TensorRT-8: memory usage with dynamic input shapes

Description

During integration of dynamic shape support for a detection algorithm, I’ve encountered an interesting behavior of TensorRT. It seems that the device memory consumption depends on the maximum input size across all optimization profiles and, particularly, not limited to the currently used profile or the currently used input resolution. I’ve tested this behavior by adding 3 profiles, selecting the 2nd profile and tweaking the max size for the 3rd profile (the actual input shape and 1/2nd profiles are kept unchanged).

So, it looks like device memory is allocated according to the worst possible case (ie the upper boundary on the input shape across all profiles). Is this understanding correct? If so, is it possible to work around the limitation (for example, creating engine without memory and plugging a sufficient workspace buffer as needed)?

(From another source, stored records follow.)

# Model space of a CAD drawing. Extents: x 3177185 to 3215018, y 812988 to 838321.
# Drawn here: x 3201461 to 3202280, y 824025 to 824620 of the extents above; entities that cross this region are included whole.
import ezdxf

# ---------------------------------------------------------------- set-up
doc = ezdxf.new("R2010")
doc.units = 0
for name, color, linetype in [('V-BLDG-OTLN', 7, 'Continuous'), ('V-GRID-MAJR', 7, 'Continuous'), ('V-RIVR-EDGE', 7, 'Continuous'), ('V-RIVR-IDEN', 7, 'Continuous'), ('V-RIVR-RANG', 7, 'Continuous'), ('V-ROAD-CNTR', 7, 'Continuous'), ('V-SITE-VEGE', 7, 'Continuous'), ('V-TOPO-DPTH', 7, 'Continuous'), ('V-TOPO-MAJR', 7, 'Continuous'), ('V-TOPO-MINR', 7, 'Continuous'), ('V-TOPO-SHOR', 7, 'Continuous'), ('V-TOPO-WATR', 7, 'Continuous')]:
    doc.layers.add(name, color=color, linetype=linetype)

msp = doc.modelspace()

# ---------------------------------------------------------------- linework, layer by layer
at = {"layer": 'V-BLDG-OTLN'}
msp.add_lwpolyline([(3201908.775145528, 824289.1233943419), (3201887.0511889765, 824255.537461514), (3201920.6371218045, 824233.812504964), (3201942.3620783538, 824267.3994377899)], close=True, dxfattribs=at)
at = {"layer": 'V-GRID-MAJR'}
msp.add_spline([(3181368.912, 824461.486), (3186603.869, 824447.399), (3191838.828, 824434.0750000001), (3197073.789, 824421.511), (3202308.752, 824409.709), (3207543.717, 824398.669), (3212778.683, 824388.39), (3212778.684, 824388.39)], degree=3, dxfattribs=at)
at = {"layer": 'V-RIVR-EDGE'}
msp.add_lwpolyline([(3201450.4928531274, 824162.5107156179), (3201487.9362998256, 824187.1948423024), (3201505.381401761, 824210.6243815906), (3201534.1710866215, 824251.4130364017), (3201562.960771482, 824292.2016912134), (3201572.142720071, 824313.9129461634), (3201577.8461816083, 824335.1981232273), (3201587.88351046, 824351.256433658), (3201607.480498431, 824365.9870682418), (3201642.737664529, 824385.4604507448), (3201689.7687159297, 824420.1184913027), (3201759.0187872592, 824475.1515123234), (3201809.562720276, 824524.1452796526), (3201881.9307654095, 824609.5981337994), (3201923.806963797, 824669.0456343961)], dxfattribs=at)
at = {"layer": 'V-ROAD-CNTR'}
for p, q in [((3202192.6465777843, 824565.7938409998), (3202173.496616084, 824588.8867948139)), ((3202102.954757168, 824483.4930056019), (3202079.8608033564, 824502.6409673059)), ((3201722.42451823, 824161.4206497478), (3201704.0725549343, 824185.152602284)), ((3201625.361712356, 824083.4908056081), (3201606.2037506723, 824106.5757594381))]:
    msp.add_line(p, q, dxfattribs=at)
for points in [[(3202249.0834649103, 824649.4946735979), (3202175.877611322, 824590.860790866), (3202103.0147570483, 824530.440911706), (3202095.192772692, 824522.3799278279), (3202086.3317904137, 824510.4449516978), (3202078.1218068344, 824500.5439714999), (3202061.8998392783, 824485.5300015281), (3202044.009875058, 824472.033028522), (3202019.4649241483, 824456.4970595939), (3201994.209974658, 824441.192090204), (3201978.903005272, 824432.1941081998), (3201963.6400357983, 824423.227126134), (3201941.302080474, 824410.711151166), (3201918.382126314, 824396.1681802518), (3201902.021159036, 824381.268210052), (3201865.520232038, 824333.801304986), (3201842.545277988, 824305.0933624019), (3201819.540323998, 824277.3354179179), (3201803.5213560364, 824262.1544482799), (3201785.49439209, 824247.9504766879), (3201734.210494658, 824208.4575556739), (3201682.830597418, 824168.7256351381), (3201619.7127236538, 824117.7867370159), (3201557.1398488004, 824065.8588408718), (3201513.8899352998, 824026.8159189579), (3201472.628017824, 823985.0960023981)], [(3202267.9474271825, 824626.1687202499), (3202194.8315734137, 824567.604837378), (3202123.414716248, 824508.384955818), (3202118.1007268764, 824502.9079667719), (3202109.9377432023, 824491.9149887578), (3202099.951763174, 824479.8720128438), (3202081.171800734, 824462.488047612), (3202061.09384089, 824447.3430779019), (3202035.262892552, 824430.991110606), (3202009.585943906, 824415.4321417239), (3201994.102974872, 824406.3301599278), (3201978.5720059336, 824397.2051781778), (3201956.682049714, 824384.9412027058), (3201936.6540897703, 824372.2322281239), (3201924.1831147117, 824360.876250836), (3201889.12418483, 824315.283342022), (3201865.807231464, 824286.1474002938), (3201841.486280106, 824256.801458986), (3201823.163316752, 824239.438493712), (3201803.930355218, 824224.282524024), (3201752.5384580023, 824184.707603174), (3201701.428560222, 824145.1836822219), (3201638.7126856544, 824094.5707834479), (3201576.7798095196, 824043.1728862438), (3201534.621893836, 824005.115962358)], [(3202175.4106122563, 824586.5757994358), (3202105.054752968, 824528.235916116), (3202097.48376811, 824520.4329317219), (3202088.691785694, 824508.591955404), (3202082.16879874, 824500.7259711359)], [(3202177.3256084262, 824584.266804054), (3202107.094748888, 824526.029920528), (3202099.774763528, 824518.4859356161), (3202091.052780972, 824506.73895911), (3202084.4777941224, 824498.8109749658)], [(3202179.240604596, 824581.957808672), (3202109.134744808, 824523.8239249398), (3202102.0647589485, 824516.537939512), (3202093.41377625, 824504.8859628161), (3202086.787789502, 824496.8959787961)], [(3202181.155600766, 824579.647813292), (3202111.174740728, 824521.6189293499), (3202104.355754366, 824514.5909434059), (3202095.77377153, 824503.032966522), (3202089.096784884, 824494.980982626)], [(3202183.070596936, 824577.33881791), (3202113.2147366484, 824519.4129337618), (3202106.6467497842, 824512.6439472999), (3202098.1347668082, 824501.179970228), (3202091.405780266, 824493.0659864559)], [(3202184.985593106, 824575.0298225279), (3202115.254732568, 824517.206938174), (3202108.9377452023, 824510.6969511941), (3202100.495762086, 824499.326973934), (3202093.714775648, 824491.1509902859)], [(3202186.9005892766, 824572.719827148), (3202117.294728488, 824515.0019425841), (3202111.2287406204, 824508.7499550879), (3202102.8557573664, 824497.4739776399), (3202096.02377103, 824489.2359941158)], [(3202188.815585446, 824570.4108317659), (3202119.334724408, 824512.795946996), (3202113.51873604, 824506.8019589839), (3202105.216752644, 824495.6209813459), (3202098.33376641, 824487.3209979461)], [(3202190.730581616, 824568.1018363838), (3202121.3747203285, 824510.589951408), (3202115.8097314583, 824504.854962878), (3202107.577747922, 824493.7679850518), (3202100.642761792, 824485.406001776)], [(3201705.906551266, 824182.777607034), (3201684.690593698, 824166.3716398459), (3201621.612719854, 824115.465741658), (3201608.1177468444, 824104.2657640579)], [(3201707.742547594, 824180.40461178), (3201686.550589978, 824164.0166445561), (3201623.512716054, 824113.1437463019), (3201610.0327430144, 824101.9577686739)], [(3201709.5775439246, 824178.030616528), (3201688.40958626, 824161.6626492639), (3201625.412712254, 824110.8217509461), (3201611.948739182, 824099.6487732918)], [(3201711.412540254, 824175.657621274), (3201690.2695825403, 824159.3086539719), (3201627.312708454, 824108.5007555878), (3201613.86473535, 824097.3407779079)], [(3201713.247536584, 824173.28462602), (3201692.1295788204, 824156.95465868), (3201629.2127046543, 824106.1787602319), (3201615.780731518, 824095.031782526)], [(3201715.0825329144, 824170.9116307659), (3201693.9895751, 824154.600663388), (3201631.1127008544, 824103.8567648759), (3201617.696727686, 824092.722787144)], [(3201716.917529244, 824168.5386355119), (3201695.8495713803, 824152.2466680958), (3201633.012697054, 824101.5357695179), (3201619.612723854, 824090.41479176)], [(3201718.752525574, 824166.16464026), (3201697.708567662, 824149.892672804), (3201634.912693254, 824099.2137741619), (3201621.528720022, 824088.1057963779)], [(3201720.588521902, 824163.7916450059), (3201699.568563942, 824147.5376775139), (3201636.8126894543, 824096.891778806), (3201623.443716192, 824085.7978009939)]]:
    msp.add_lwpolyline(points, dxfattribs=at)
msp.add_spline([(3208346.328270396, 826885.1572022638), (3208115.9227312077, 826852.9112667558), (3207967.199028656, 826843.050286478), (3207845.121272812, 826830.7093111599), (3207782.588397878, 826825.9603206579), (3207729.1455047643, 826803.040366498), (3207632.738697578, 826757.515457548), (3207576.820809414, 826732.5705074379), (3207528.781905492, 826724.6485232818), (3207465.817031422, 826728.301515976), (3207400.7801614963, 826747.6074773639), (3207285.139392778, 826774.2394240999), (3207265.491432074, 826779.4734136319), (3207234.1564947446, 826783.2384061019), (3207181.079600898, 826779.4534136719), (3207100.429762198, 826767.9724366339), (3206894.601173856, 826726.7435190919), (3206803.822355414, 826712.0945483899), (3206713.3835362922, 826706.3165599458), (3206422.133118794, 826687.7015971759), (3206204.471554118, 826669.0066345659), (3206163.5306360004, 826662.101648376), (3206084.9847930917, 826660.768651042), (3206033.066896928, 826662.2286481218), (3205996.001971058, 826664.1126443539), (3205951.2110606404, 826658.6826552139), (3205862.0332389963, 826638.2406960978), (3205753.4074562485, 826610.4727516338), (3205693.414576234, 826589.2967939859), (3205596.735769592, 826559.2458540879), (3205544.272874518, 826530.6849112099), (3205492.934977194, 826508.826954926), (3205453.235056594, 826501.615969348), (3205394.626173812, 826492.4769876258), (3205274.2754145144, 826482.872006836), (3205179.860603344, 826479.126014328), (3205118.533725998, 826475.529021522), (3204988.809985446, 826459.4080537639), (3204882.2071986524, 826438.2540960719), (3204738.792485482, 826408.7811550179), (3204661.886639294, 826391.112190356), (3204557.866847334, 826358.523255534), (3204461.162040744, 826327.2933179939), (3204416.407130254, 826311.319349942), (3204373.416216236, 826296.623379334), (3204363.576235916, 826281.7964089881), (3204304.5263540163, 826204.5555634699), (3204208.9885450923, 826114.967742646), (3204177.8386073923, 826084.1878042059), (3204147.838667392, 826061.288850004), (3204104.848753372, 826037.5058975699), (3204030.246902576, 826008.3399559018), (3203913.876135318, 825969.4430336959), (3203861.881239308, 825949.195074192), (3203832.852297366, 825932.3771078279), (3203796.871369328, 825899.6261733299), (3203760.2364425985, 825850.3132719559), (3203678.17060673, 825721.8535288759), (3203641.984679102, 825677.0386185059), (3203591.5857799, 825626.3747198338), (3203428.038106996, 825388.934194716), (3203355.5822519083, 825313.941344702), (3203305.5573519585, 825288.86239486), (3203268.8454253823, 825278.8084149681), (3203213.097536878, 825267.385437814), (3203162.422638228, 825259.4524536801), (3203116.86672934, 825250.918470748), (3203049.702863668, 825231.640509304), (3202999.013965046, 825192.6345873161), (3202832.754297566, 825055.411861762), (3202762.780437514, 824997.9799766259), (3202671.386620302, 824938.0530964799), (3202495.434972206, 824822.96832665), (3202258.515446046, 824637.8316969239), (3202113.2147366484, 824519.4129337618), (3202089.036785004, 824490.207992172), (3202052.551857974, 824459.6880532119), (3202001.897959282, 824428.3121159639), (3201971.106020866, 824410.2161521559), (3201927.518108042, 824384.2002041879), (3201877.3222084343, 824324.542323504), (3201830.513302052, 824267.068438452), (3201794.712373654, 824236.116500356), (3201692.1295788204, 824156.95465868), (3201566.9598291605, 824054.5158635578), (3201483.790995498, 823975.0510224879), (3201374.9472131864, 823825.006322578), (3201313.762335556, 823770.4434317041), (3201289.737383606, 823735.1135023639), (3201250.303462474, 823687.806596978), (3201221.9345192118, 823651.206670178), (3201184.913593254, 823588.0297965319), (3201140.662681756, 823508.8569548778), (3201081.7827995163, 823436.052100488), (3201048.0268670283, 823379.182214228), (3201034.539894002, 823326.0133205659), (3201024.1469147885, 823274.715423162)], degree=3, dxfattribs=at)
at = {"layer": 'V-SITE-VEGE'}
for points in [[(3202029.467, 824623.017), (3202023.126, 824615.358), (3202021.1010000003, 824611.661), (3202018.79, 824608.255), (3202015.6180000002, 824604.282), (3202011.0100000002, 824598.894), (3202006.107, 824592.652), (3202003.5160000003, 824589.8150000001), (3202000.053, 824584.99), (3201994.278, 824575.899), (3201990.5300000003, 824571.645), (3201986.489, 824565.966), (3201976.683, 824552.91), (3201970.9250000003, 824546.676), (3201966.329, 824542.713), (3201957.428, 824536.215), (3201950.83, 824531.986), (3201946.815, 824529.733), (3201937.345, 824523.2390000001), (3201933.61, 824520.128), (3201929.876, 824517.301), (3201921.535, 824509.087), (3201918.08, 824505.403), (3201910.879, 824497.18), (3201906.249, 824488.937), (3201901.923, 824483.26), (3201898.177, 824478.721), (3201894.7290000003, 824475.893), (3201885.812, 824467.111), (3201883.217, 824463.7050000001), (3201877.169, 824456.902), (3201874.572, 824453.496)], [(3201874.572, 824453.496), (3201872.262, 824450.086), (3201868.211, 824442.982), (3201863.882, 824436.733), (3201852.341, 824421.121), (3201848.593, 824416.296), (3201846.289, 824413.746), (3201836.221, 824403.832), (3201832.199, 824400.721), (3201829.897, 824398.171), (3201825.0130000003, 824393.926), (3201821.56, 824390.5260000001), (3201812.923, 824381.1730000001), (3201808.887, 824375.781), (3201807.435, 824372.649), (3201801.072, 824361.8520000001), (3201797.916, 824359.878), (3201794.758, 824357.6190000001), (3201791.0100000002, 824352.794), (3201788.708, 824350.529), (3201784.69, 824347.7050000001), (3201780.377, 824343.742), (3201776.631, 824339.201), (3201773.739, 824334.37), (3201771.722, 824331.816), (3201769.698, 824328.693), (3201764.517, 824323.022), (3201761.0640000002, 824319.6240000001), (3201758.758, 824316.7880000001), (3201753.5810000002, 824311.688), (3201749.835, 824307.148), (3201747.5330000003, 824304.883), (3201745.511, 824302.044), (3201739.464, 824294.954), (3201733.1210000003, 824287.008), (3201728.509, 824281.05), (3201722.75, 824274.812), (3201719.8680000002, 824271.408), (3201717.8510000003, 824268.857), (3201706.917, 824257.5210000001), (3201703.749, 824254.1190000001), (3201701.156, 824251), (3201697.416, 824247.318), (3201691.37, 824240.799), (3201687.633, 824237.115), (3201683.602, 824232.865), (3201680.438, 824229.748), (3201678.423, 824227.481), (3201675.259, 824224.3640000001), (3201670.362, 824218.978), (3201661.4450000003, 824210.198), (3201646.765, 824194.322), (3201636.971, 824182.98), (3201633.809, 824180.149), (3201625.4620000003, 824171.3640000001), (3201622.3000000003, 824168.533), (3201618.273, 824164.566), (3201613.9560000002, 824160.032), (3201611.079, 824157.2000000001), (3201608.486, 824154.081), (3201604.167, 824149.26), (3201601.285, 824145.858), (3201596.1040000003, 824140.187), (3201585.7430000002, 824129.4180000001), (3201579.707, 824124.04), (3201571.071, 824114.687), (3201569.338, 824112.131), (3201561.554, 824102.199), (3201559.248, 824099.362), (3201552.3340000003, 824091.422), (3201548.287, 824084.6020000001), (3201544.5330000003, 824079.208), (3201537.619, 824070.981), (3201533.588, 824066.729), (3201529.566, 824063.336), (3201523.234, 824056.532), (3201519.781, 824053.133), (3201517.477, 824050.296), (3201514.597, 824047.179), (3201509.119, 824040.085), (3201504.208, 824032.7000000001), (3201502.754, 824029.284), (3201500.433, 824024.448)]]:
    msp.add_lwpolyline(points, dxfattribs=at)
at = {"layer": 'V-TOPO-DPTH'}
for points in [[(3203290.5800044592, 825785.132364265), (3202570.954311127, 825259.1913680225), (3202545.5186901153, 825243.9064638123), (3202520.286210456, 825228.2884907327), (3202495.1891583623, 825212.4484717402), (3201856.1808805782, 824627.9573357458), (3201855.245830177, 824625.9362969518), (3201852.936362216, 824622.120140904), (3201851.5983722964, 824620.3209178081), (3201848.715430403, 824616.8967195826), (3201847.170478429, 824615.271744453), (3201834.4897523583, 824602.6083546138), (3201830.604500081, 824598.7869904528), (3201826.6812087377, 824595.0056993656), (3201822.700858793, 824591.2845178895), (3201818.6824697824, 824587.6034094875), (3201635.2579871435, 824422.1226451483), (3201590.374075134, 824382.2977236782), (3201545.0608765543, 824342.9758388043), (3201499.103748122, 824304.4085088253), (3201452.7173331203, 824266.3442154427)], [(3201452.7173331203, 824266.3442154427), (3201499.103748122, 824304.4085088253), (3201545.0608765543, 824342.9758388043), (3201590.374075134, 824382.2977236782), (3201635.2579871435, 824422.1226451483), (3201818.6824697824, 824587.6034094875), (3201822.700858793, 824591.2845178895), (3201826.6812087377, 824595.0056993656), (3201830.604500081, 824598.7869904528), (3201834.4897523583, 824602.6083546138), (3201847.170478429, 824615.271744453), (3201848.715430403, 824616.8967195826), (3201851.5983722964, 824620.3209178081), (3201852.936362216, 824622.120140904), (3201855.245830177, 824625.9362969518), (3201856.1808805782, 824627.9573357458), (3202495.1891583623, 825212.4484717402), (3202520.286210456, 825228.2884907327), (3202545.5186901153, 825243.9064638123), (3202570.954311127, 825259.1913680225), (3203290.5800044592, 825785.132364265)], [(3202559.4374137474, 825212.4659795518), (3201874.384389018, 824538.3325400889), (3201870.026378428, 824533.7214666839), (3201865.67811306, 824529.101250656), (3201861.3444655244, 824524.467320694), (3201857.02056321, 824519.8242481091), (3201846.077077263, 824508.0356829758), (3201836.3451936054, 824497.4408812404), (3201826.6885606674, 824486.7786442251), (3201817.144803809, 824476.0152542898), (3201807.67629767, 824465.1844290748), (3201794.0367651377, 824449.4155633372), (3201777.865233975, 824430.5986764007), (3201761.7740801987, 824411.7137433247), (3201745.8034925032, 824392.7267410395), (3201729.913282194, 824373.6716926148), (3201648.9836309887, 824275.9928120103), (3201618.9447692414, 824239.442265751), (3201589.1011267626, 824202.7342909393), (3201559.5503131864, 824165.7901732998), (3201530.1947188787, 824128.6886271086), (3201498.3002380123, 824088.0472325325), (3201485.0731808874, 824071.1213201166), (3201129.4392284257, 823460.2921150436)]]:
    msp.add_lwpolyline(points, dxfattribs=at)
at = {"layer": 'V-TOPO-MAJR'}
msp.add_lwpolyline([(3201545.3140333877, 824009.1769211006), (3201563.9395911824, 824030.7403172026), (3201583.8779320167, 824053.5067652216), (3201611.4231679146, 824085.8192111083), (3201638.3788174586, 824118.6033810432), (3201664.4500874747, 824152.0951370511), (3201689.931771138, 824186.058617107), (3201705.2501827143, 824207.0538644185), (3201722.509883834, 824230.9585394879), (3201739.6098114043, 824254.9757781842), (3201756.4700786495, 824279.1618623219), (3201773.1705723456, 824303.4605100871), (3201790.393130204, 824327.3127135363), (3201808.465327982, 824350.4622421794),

P.S. The motivation is to allow working with a wide range of input resolutions, but pay (in terms of memory) for large resolutions only when we’ve encountered such large resolution.

Environment

TensorRT Version: v8.2.2.1
GPU Type: RTX 2070
Nvidia Driver Version: 470.63.01
CUDA Version: v11.4.3
CUDNN Version: v8.2.4.15

Any news on the topic?

Hi,

Sorry for the delay in addressing this issue. We will get back to you in 1 or 2 days.
Thank you.

Hi,

Following may help you.
https://docs.nvidia.com/deeplearning/tensorrt/api/c_api/classnvinfer1_1_1_i_cuda_engine.html#ab431cff77cee511d37747920f6c2276f

Thank you.

Hi, @spolisetty

Thank you for replying.

I’ve looked into the suggested API. As I understand, I’ll need to use IExecutionContext::setDeviceMemory() [1] method to provide my own device memory buffer. The documentation of this method states that I would need at least ICudaEngine::getDeviceMemorySize() [2] bytes. But getDeviceMemorySize() does not takes any parameter that would allow me to select a particular optimization profile. And API for choosing optimization profiles is present in IExecutionContext class [3] and not ICudeEngine.

In short, it seems that I can use my own device buffer, but its size does not depend on the optimization profile (and corresponds to the same worst-case profile logic). So, I’m effectively in the same sitation as without custom device buffers. Or did I miss something?

[1]https://docs.nvidia.com/deeplearning/tensorrt/api/c_api/classnvinfer1_1_1_i_execution_context.html#a12f8214ba871e63ec9c4dac970bb9c39
[2]https://docs.nvidia.com/deeplearning/tensorrt/api/c_api/classnvinfer1_1_1_i_cuda_engine.html#a5dbb256ba0555c4e58eac5e4b876c7ee
[3]https://docs.nvidia.com/deeplearning/tensorrt/api/c_api/classnvinfer1_1_1_i_execution_context.html#a74c361a3d93e70a3164988df7d60a4cc

Hi,

Good question, yes you’re right. Always allocating for the worst case is a simplifying assumption in the executor - we’re assuming that the application would need to budget memory for your worst expected case. But this assumption isn’t always valid.

Thank you.

Hi, @spolisetty

Thank you for the information. Can we expect any improvements on the subject in the foreseeable future?

Yes, this may be improved in the future releases.

Thank you.

Okay, thank you!

Hi! Are there any advancements on the topic? TensorRT significantly reduces memory consumption for my model, but allocating memory for the worst case negates all improvements:(
I would like to be able to independently control the required memory.

2 Likes

Bumping this, as this topic is of high concern to me. In my use case, I am using triton to serve ~40 computer vision models (mainly CNNs). The VRAM usage is much higher when converting the models to TensorRT engines as compared to when they were normal Tensorflow models, to the point that some models cannot be initialized when all could previously. This is quite a bummer as TensorRT was able to provide quite a decent speedup (~5x) to most of the models through my experiments.